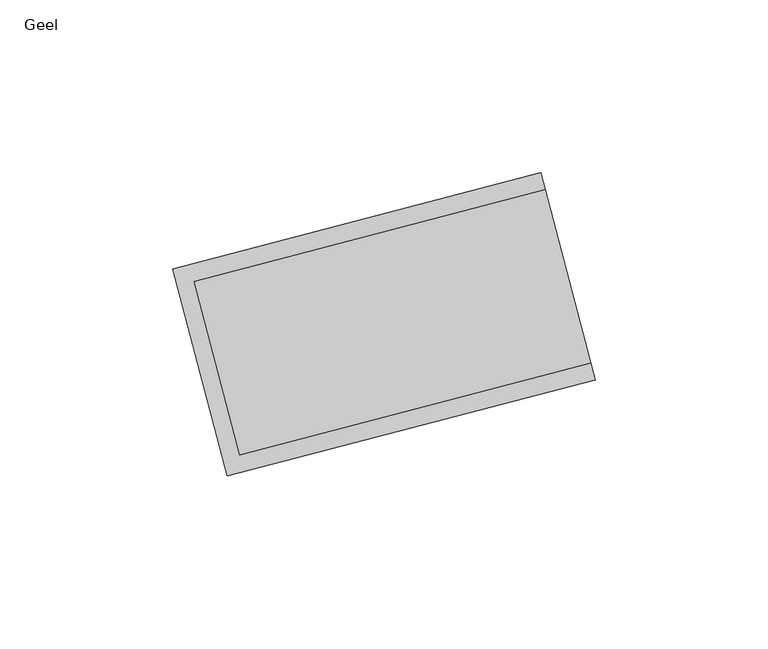
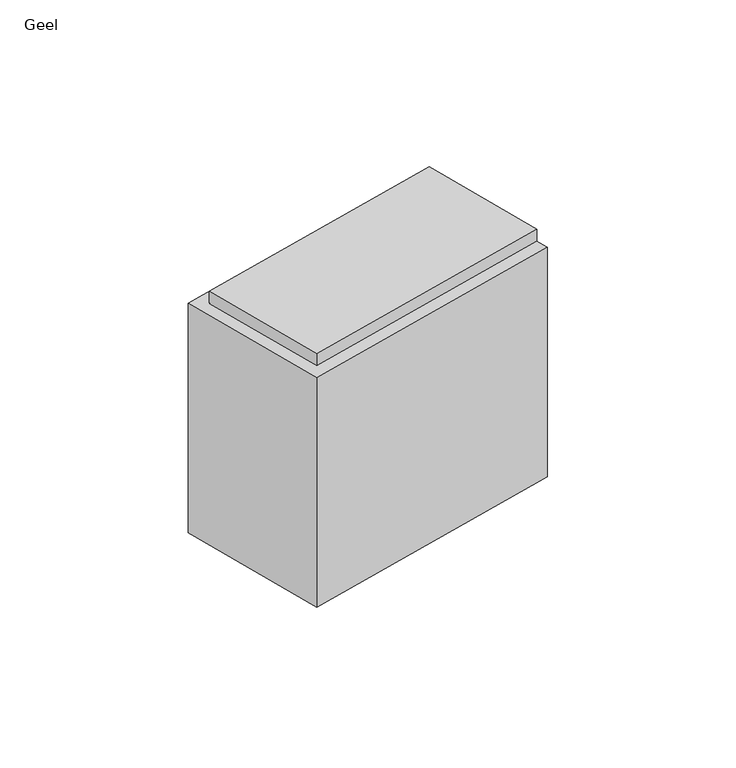
"""IFC4 building model written with IfcOpenShell, lengths in millimetres: proxy geometry, 00_GMA_steen_versie_6 : Geel."""

from ifc_helpers import new_model, si_unit, origin, origin_with_axes, place, context, project, spatial, polyline, outline, extrude, source, transform, mapped, element, save


def geel_ff5a4212(model_context):
    return source(origin(), model_context, "Body", "SweptSolid", [
        extrude(outline(polyline([(24.8461542, 24.0369432), (9.1731432, 83.919349), (115.5141152, 111.7519519), (116.7801202, 106.9148835), (15.2762167, 80.3482856), (28.4172176, 30.1400167), (129.9211211, 56.7066146), (131.1871262, 51.8695461), (24.8461542, 24.0369432)])), origin_with_axes(), (0.0, 0.0, 1.0), 95.0),
        extrude(outline(polyline([(116.7801202, 106.9148835), (129.9211211, 56.7066146), (28.4172176, 30.1400167), (15.2762167, 80.3482856), (116.7801202, 106.9148835)])), origin_with_axes(), (0.0, 0.0, 1.0), 100.0),
    ])


if __name__ == "__main__":
    model = new_model("IFC4")
    model_context = context("Model", 3, world=origin())
    ifc_project = project(units=[si_unit("LENGTHUNIT", "METRE", prefix="MILLI")], contexts=[model_context])
    site = spatial("IfcSite", under=ifc_project)
    building = spatial("IfcBuilding", under=site)
    placement = place(None, origin())
    geel_shape = geel_ff5a4212(model_context)
    element("IfcBuildingElementProxy", 1, Name="00_GMA_steen_versie_6 : Geel", ObjectType="00_GMA_steen_versie_6 : Geel", at=placement, inside=building, context=model_context, shape_type="MappedRepresentation", body=[
        mapped(geel_shape, transform((0.0, 0.0, 0.0), x_axis=(1.0, 0.0, 0.0), y_axis=(0.0, 1.0, 0.0), z_axis=(0.0, 0.0, 1.0))),
    ])
    save(model, "model.ifc")

# Revit data of these elements
# Type "00_GMA_steen_versie_6 : Geel"
#   Voegdikte = 95 mm
#   VoegTovSteen = -5 mm
#   StootvoegLinksHalfOnder [instance default] = 5 mm
#   StootvoegLinksHalfBoven [instance default] = 5 mm
#   StootVoegRechtsHalfOnder [instance default] = 5 mm
#   StootVoegRechtsHalfBoven [instance default] = 5 mm
#   StootVoegBreedteRechts [instance default] = 10 mm
#   StootVoegBreedteLinks [instance default] = 10 mm
#   Steendikte = 100 mm
#   LintVoegOnderHalf [instance default] = 0 mm
#   LintVoegOnder [instance default] = 0 mm
#   LintVoegBovenHalf [instance default] = 5 mm
#   LintVoegBoven [instance default] = 10 mm
#   materiaal = 21_steen_geel
#   MateriaalVoeg = 20_voeg
#   Default Elevation = 0
# Element 1 (IfcBuildingElementProxy, "00_GMA_steen_versie_6 : Geel")
#   StootVoegRechtsHalfOnder = 0 mm
#   StootVoegRechtsHalfBoven = 0 mm
#   StootVoegBreedteRechts = 0 mm
#   LintVoegOnderHalf = 5 mm
#   LintVoegOnder = 10 mm
#   Materials on its faces: "20_voeg", "21_steen_geel"
# Materials
#   "21_steen_geel": class "Unassigned", colour RGB 202 202 0, transparency 0, Cost = 0
#   "20_voeg": class "Concrete", colour RGB 86 86 86, transparency 0, Manufacturer = "RevitGG", URL = "www.revitgg.nl", Description = "zandcement, generiek materiaal", Cost = 0

========================================================================

## What is expected
In the copy, include no pictures, but repeat the listing exactly.

## Solution to this problem
"""IFC4 building model written with IfcOpenShell, lengths in millimetres: proxy geometry, 00_GMA_steen_versie_6 : Geel."""

from ifc_helpers import new_model, si_unit, origin, origin_with_axes, place, context, project, spatial, polyline, outline, extrude, source, transform, mapped, element, save


def geel_ff5a4212(model_context):
    return source(origin(), model_context, "Body", "SweptSolid", [
        extrude(outline(polyline([(24.8461542, 24.0369432), (9.1731432, 83.919349), (115.5141152, 111.7519519), (116.7801202, 106.9148835), (15.2762167, 80.3482856), (28.4172176, 30.1400167), (129.9211211, 56.7066146), (131.1871262, 51.8695461), (24.8461542, 24.0369432)])), origin_with_axes(), (0.0, 0.0, 1.0), 95.0),
        extrude(outline(polyline([(116.7801202, 106.9148835), (129.9211211, 56.7066146), (28.4172176, 30.1400167), (15.2762167, 80.3482856), (116.7801202, 106.9148835)])), origin_with_axes(), (0.0, 0.0, 1.0), 100.0),
    ])


if __name__ == "__main__":
    model = new_model("IFC4")
    model_context = context("Model", 3, world=origin())
    ifc_project = project(units=[si_unit("LENGTHUNIT", "METRE", prefix="MILLI")], contexts=[model_context])
    site = spatial("IfcSite", under=ifc_project)
    building = spatial("IfcBuilding", under=site)
    placement = place(None, origin())
    geel_shape = geel_ff5a4212(model_context)
    element("IfcBuildingElementProxy", 1, Name="00_GMA_steen_versie_6 : Geel", ObjectType="00_GMA_steen_versie_6 : Geel", at=placement, inside=building, context=model_context, shape_type="MappedRepresentation", body=[
        mapped(geel_shape, transform((0.0, 0.0, 0.0), x_axis=(1.0, 0.0, 0.0), y_axis=(0.0, 1.0, 0.0), z_axis=(0.0, 0.0, 1.0))),
    ])
    save(model, "model.ifc")

# Revit data of these elements
# Type "00_GMA_steen_versie_6 : Geel"
#   Voegdikte = 95 mm
#   VoegTovSteen = -5 mm
#   StootvoegLinksHalfOnder [instance default] = 5 mm
#   StootvoegLinksHalfBoven [instance default] = 5 mm
#   StootVoegRechtsHalfOnder [instance default] = 5 mm
#   StootVoegRechtsHalfBoven [instance default] = 5 mm
#   StootVoegBreedteRechts [instance default] = 10 mm
#   StootVoegBreedteLinks [instance default] = 10 mm
#   Steendikte = 100 mm
#   LintVoegOnderHalf [instance default] = 0 mm
#   LintVoegOnder [instance default] = 0 mm
#   LintVoegBovenHalf [instance default] = 5 mm
#   LintVoegBoven [instance default] = 10 mm
#   materiaal = 21_steen_geel
#   MateriaalVoeg = 20_voeg
#   Default Elevation = 0
# Element 1 (IfcBuildingElementProxy, "00_GMA_steen_versie_6 : Geel")
#   StootVoegRechtsHalfOnder = 0 mm
#   StootVoegRechtsHalfBoven = 0 mm
#   StootVoegBreedteRechts = 0 mm
#   LintVoegOnderHalf = 5 mm
#   LintVoegOnder = 10 mm
#   Materials on its faces: "20_voeg", "21_steen_geel"
# Materials
#   "21_steen_geel": class "Unassigned", colour RGB 202 202 0, transparency 0, Cost = 0
#   "20_voeg": class "Concrete", colour RGB 86 86 86, transparency 0, Manufacturer = "RevitGG", URL = "www.revitgg.nl", Description = "zandcement, generiek materiaal", Cost = 0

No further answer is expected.